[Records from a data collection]
● ● ●
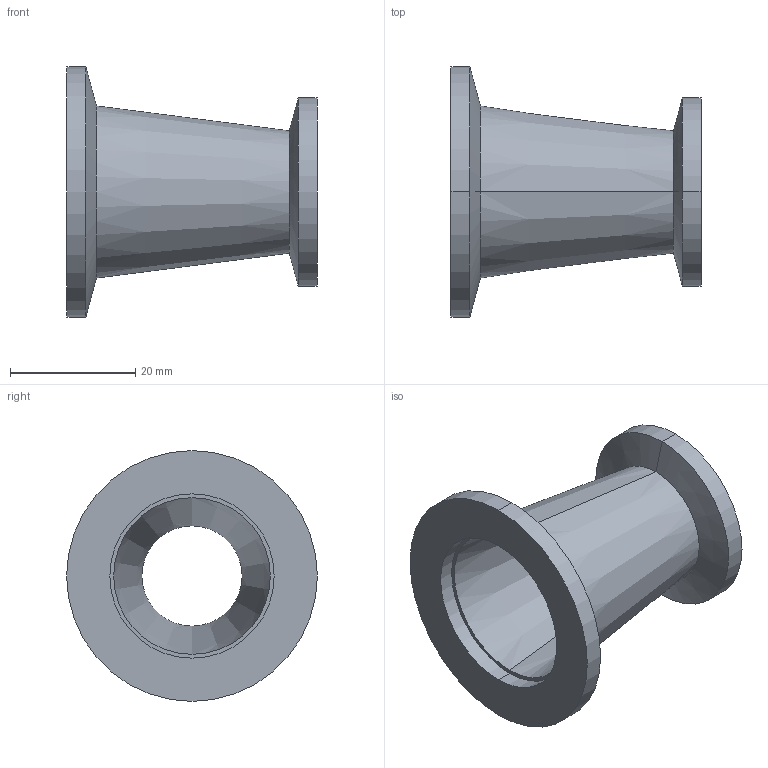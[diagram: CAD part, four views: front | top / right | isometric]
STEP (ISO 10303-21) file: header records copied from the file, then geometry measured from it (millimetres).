
FILE_DESCRIPTION (( 'STEP AP203' ), '1' );
FILE_NAME ('KF曹噤眻籵.STEP', '2026-07-20T11:40:40', ( '' ), ( '' ), 'SwSTEP 2.0', 'SolidWorks 2024', '' );
FILE_SCHEMA (( 'CONFIG_CONTROL_DESIGN' ));
Length unit declared in the file: millimetre
Products named in the file (1): KF变径直通
Bounding box: 39.9 x 40 x 40 mm (x, y, z)
Volume: 7943.3 mm3; surface area: 7941.1 mm2
Topology: 1 solids, 1 shells, 20 faces, 40 edges, 24 vertices
Faces by surface type: cone 8, cylinder 8, plane 4
Entity records: 605 total; most frequent: DIRECTION 106, CARTESIAN_POINT 85, ORIENTED_EDGE 80, AXIS2_PLACEMENT_3D 45, EDGE_CURVE 40, VERTEX_POINT 24, EDGE_LOOP 24, CIRCLE 24
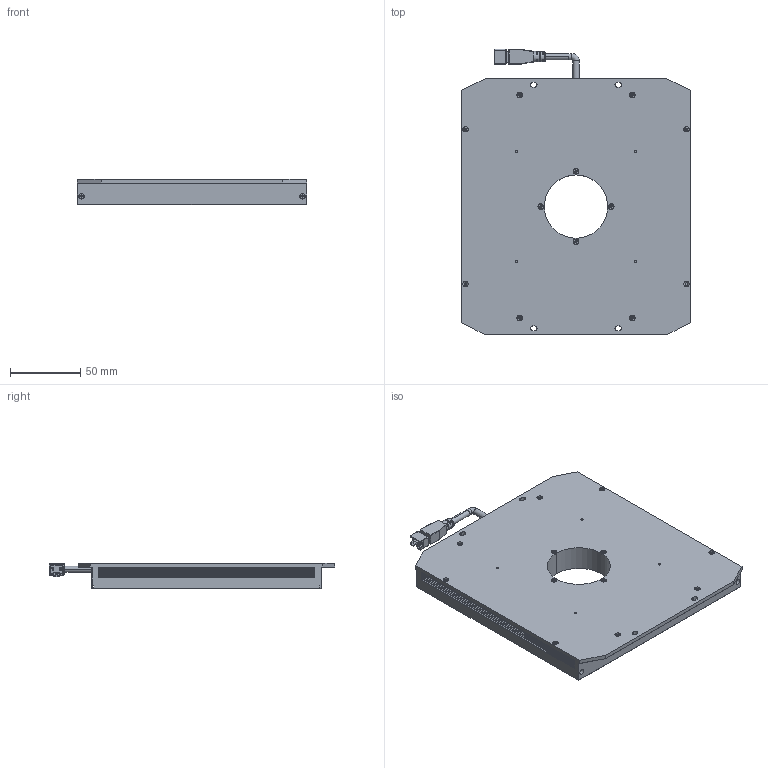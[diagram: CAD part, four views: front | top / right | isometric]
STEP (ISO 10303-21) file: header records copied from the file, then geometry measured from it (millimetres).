
FILE_DESCRIPTION((''),'2;1');
FILE_NAME('LS-LBES-H-150-150-X2','2022-11-04T11:49:06',('LumaSpec Vision'),('LumaSpec Vision'),'CREO PARAMETRIC BY PTC INC, 2020044','CREO PARAMETRIC BY PTC INC, 2020044','');
FILE_SCHEMA(('AUTOMOTIVE_DESIGN { 1 0 10303 214 1 1 1 1 }'));
Length unit declared in the file: millimetre
Products named in the file (1): PRT0001
Bounding box: 163 x 202.75 x 18 mm (x, y, z)
Volume: 458757 mm3; surface area: 76530.1 mm2
Topology: 1 solids, 43 shells, 1565 faces, 3695 edges, 2228 vertices
Faces by surface type: plane 935, cylinder 415, cone 140, torus 59, sphere 8, bspline 8
Entity records: 45677 total; most frequent: CARTESIAN_POINT 8895, DIRECTION 7523, ORIENTED_EDGE 7334, EDGE_CURVE 3667, AXIS2_PLACEMENT_3D 2563, VECTOR 2397, LINE 2397, VERTEX_POINT 2228
● ● ●
**How to complete this task:**
When you copy the records above, keep every word exact but leave out the pictures.

**Written solution:**
[diagram: CAD part, four views: front | top / right | isometric]
STEP (ISO 10303-21) file: header records copied from the file, then geometry measured from it (millimetres).
FILE_DESCRIPTION (( 'STEP AP203' ), '1' );
FILE_NAME ('KF曹噤眻籵.STEP', '2026-07-20T11:40:40', ( '' ), ( '' ), 'SwSTEP 2.0', 'SolidWorks 2024', '' );
FILE_SCHEMA (( 'CONFIG_CONTROL_DESIGN' ));
Length unit declared in the file: millimetre
Products named in the file (1): KF变径直通
Bounding box: 39.9 x 40 x 40 mm (x, y, z)
Volume: 7943.3 mm3; surface area: 7941.1 mm2
Topology: 1 solids, 1 shells, 20 faces, 40 edges, 24 vertices
Faces by surface type: cone 8, cylinder 8, plane 4
Entity records: 605 total; most frequent: DIRECTION 106, CARTESIAN_POINT 85, ORIENTED_EDGE 80, AXIS2_PLACEMENT_3D 45, EDGE_CURVE 40, VERTEX_POINT 24, EDGE_LOOP 24, CIRCLE 24
[diagram: CAD part, four views: front | top / right | isometric]
STEP (ISO 10303-21) file: header records copied from the file, then geometry measured from it (millimetres).
FILE_DESCRIPTION((''),'2;1');
FILE_NAME('LS-LBES-H-150-150-X2','2022-11-04T11:49:06',('LumaSpec Vision'),('LumaSpec Vision'),'CREO PARAMETRIC BY PTC INC, 2020044','CREO PARAMETRIC BY PTC INC, 2020044','');
FILE_SCHEMA(('AUTOMOTIVE_DESIGN { 1 0 10303 214 1 1 1 1 }'));
Length unit declared in the file: millimetre
Products named in the file (1): PRT0001
Bounding box: 163 x 202.75 x 18 mm (x, y, z)
Volume: 458757 mm3; surface area: 76530.1 mm2
Topology: 1 solids, 43 shells, 1565 faces, 3695 edges, 2228 vertices
Faces by surface type: plane 935, cylinder 415, cone 140, torus 59, sphere 8, bspline 8
Entity records: 45677 total; most frequent: CARTESIAN_POINT 8895, DIRECTION 7523, ORIENTED_EDGE 7334, EDGE_CURVE 3667, AXIS2_PLACEMENT_3D 2563, VECTOR 2397, LINE 2397, VERTEX_POINT 2228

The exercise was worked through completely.